(Records from a data collection)
********
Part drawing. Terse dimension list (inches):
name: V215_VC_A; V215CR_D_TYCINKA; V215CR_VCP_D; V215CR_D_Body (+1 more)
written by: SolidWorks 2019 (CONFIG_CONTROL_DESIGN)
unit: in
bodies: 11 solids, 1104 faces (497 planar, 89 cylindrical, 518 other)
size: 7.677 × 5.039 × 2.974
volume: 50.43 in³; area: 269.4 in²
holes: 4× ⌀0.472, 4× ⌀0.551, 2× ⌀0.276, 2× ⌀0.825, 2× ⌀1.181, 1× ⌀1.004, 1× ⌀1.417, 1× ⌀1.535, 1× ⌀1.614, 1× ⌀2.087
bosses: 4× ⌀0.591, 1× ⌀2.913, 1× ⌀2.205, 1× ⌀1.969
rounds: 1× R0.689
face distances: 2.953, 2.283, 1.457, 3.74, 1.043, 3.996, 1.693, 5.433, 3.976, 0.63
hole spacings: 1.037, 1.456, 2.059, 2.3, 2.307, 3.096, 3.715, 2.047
********
■ Problem to work on
Output all the lines above, matching them word for word.

■ Written answer
Part drawing. Terse dimension list (inches):
name: V215_VC_A; V215CR_D_TYCINKA; V215CR_VCP_D; V215CR_D_Body (+1 more)
written by: SolidWorks 2019 (CONFIG_CONTROL_DESIGN)
unit: in
bodies: 11 solids, 1104 faces (497 planar, 89 cylindrical, 518 other)
size: 7.677 × 5.039 × 2.974
volume: 50.43 in³; area: 269.4 in²
holes: 4× ⌀0.472, 4× ⌀0.551, 2× ⌀0.276, 2× ⌀0.825, 2× ⌀1.181, 1× ⌀1.004, 1× ⌀1.417, 1× ⌀1.535, 1× ⌀1.614, 1× ⌀2.087
bosses: 4× ⌀0.591, 1× ⌀2.913, 1× ⌀2.205, 1× ⌀1.969
rounds: 1× R0.689
face distances: 2.953, 2.283, 1.457, 3.74, 1.043, 3.996, 1.693, 5.433, 3.976, 0.63
hole spacings: 1.037, 1.456, 2.059, 2.3, 2.307, 3.096, 3.715, 2.047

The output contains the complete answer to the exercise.